Alternatively, you could register the client's session with one master Raft instance and use 2pc to notify all the shards. But that introduces lots of other failure scenarios, and it's why this has been generally avoided. We've chosen instead to focus on stability while slowly moving that way, and the DGroup abstractions are a way of moving that way in Atomix. I'm not sure this will ever be fully implemented at the Copycat level. It's more likely something similar to what Kafka does will be implemented in Atomix itself at least at first.
Jordan Halterman
@kuujo
Mar 21 2016 20:25
I think sessions in particular pose challenges for sharding in Raft. It's likely feasible with a few shards, but probably not with hundreds of shards.
At least in Copycat
Chris Cleveland
@ccleve
Mar 21 2016 20:45
Thanks. This answer has saved me a ton of time. Now I know what issues I need to think about. Will keep poking around for a solution.
Jordan Halterman
@kuujo
Mar 21 2016 21:32
No problem good luck!
Richard Pijnenburg
@electrical
Mar 21 2016 21:57
@kuujo how you doing bud?
Jordan Halterman
@kuujo
Mar 21 2016 22:40
Great. Busy.
Richard Pijnenburg
@electrical
Mar 21 2016 22:41
Hehe I can imagine. How's the new position ?
Jordan Halterman
@kuujo
Mar 21 2016 22:44
Great. I'm like an expert on meetings now or something
Actually has just been a lot of planning but now starting to build stuff finally. First time I spent all weekend working on work stuff rather than open source projects
in a while at least
It's really pretty awesome though
I've tricked people into putting me in a position where I get to decide to build cool shit :-)
Jean-François Im
@jfim
Mar 21 2016 22:53
haha awesome place to be
Richard Pijnenburg
@electrical
Mar 21 2016 22:54
Haha great to hear indeed
I'm in my 3rd week now at my new job. Found out they actually hired me with the intention to make changes. They will be in for some surprises lol
Jean-François Im
@jfim
Mar 21 2016 22:56
Just rewrite everything in clojure/erlang/haskell
job security right there :P
Richard Pijnenburg
@electrical
Mar 21 2016 22:57
Hahaha
Some guys at my old job are/were doing that. They should be fired :)
Jean-François Im
@jfim
Mar 21 2016 22:57
but they can't now, that's the whole point :)
Richard Pijnenburg
@electrical
Mar 21 2016 22:58
Haha. Stuff they built so far can be replaced. They love reinventing the wheel.

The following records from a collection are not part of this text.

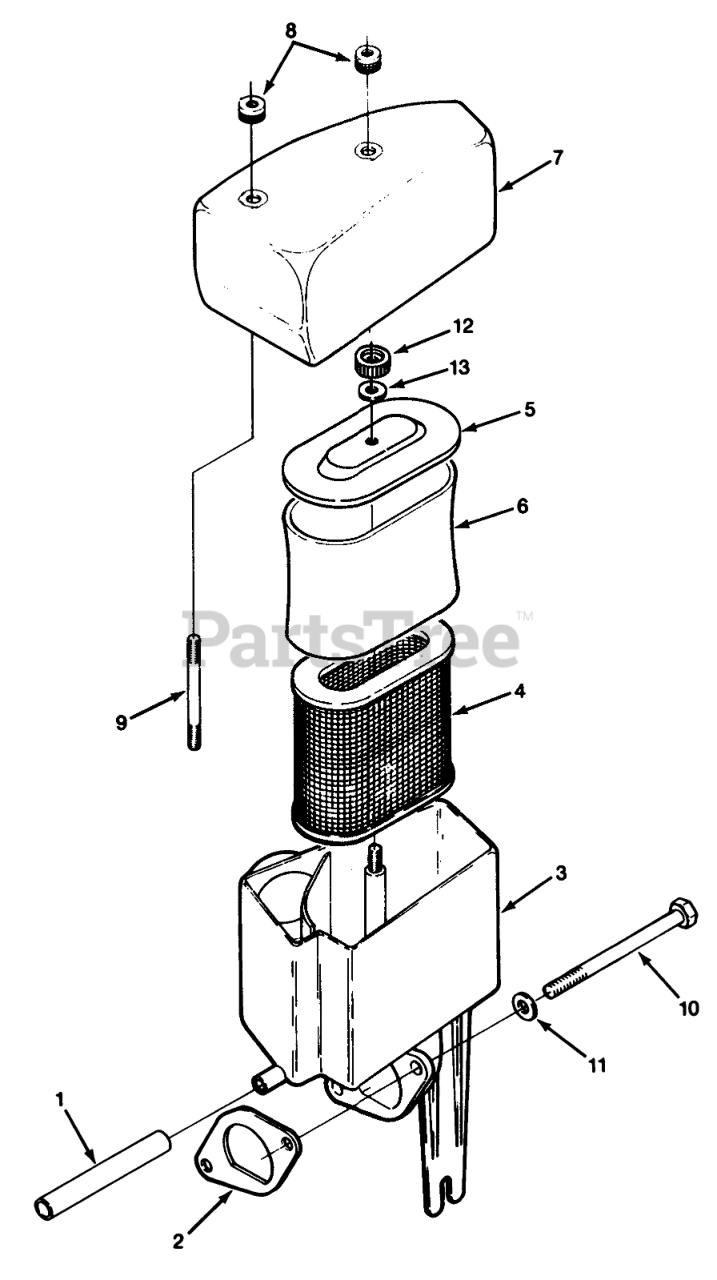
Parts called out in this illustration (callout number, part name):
1	HOSE-BRH 3/8"IDX91MM
2	Gasket
3	Adapter
4	Element
5	COVER-ELEMENT
6	WRAPPER-ELEMENT
7	Air Cleaner Cover
8	KNOB M6
10	HHCS-M8 X 100MM
11	Nut-M8
13	GROMMET
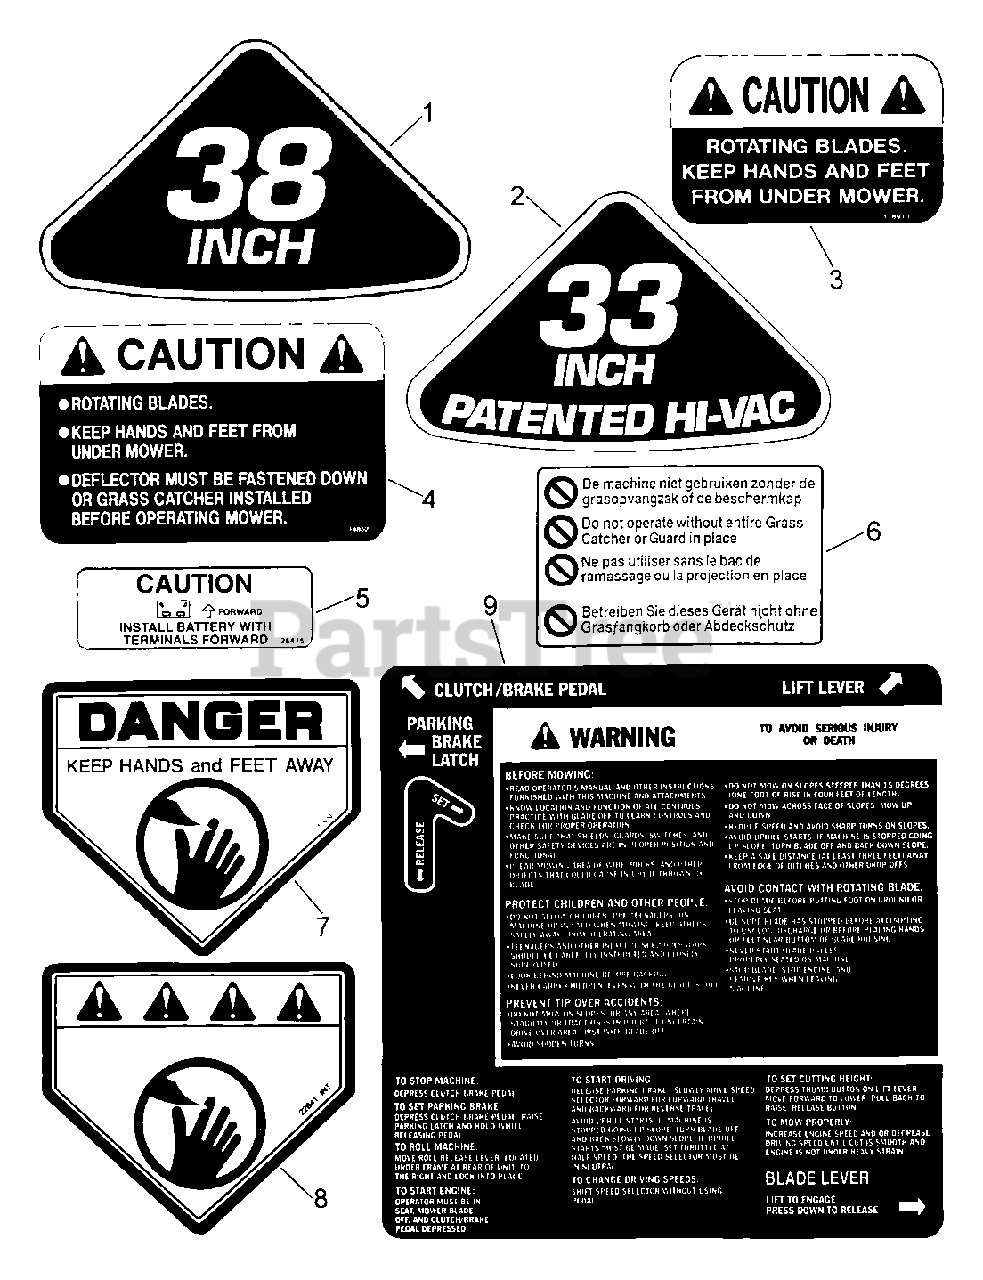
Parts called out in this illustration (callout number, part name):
1	DECAL, 38 Inch
2	DECAL, 33 Inch Hi-Vac
3	DECAL, Caution, Rotating Blades
4	DECAL, Caution, Rotating Blades
5	DECAL, Caution, Battery Location
6	DECAL, Deck/Chute International Warning
7	DECAL, Danger, Cut-Finger
7	DECAL, Danger, Cut-Finger (Heavy Adhesive Version)
8	DECAL, Cut-Finger (European Only)
9	DECAL, Instructions, Frame, Top
9	DECAL (German Version of Above)
9	DECAL (French Version of Above)
9	DECAL (Spanish Version of Above)
9	DECAL (Italian Version of Above)
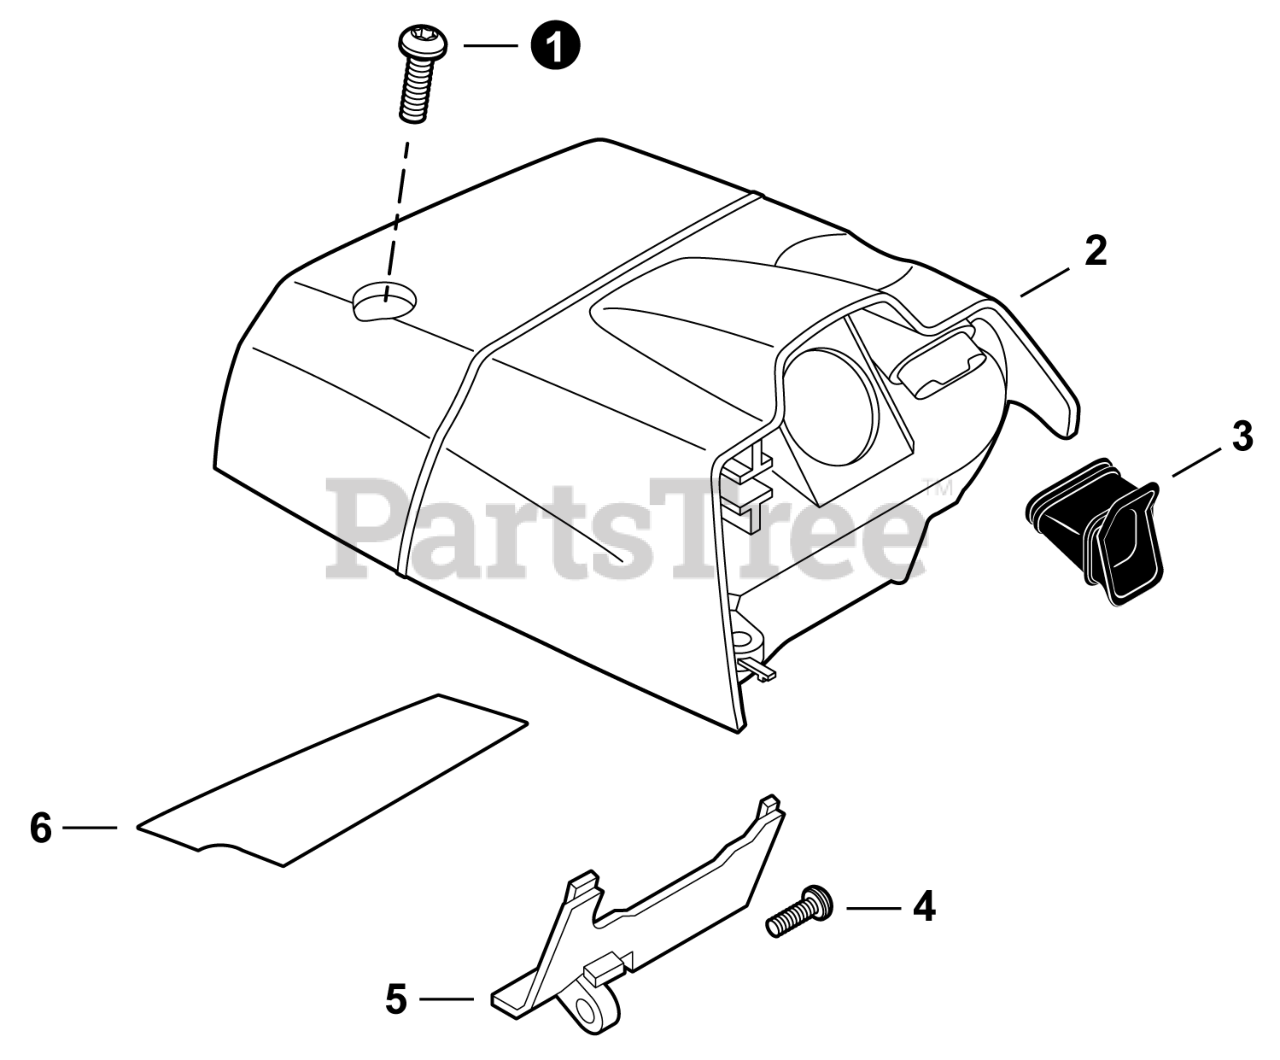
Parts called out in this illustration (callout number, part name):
1	BOLT, TORX 5x16
2	COVER, ENGINE
3	PIPE, INTAKE
4	BOLT, TORX 5x16
5	GUIDE, AIR
6	SHIELD, HEAT 75x32x0.15
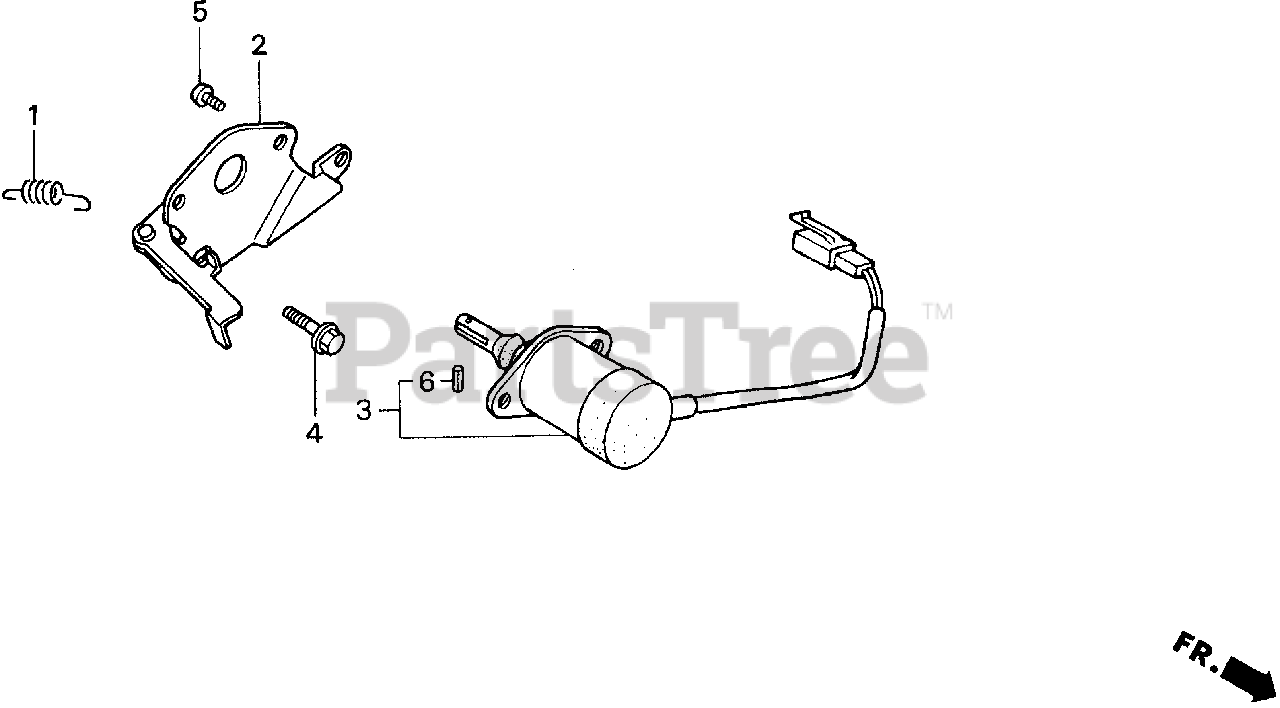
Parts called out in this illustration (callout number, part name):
1	SPRING, CHOKE RETURN
2	LEVER, THROTTLE
3	SOLENOID ASSY.
4	BOLT, FLANGE (6X12) (CT200)
5	SCREW, PAN (5X8)
6	PIN, SPRING (2.5X16)

I'm just happy I'm gone from that place :)
Jean-François Im
@jfim
Mar 21 2016 22:59
cool :)
Jordan Halterman
@kuujo
Mar 21 2016 23:27
Lol omg
The world would be a lot different if it was run by engineers
Full of half built buildings
Ambitious ones though
With ten elevators that all take you to the same place but none of them travel in a straight line
And no signs to guide you
Or only signs that are old and irrelevant
And misguiding
Richard Pijnenburg
@electrical
Mar 21 2016 23:31
Hahaha so true :)
Time for me to get some sleep. Take care guys.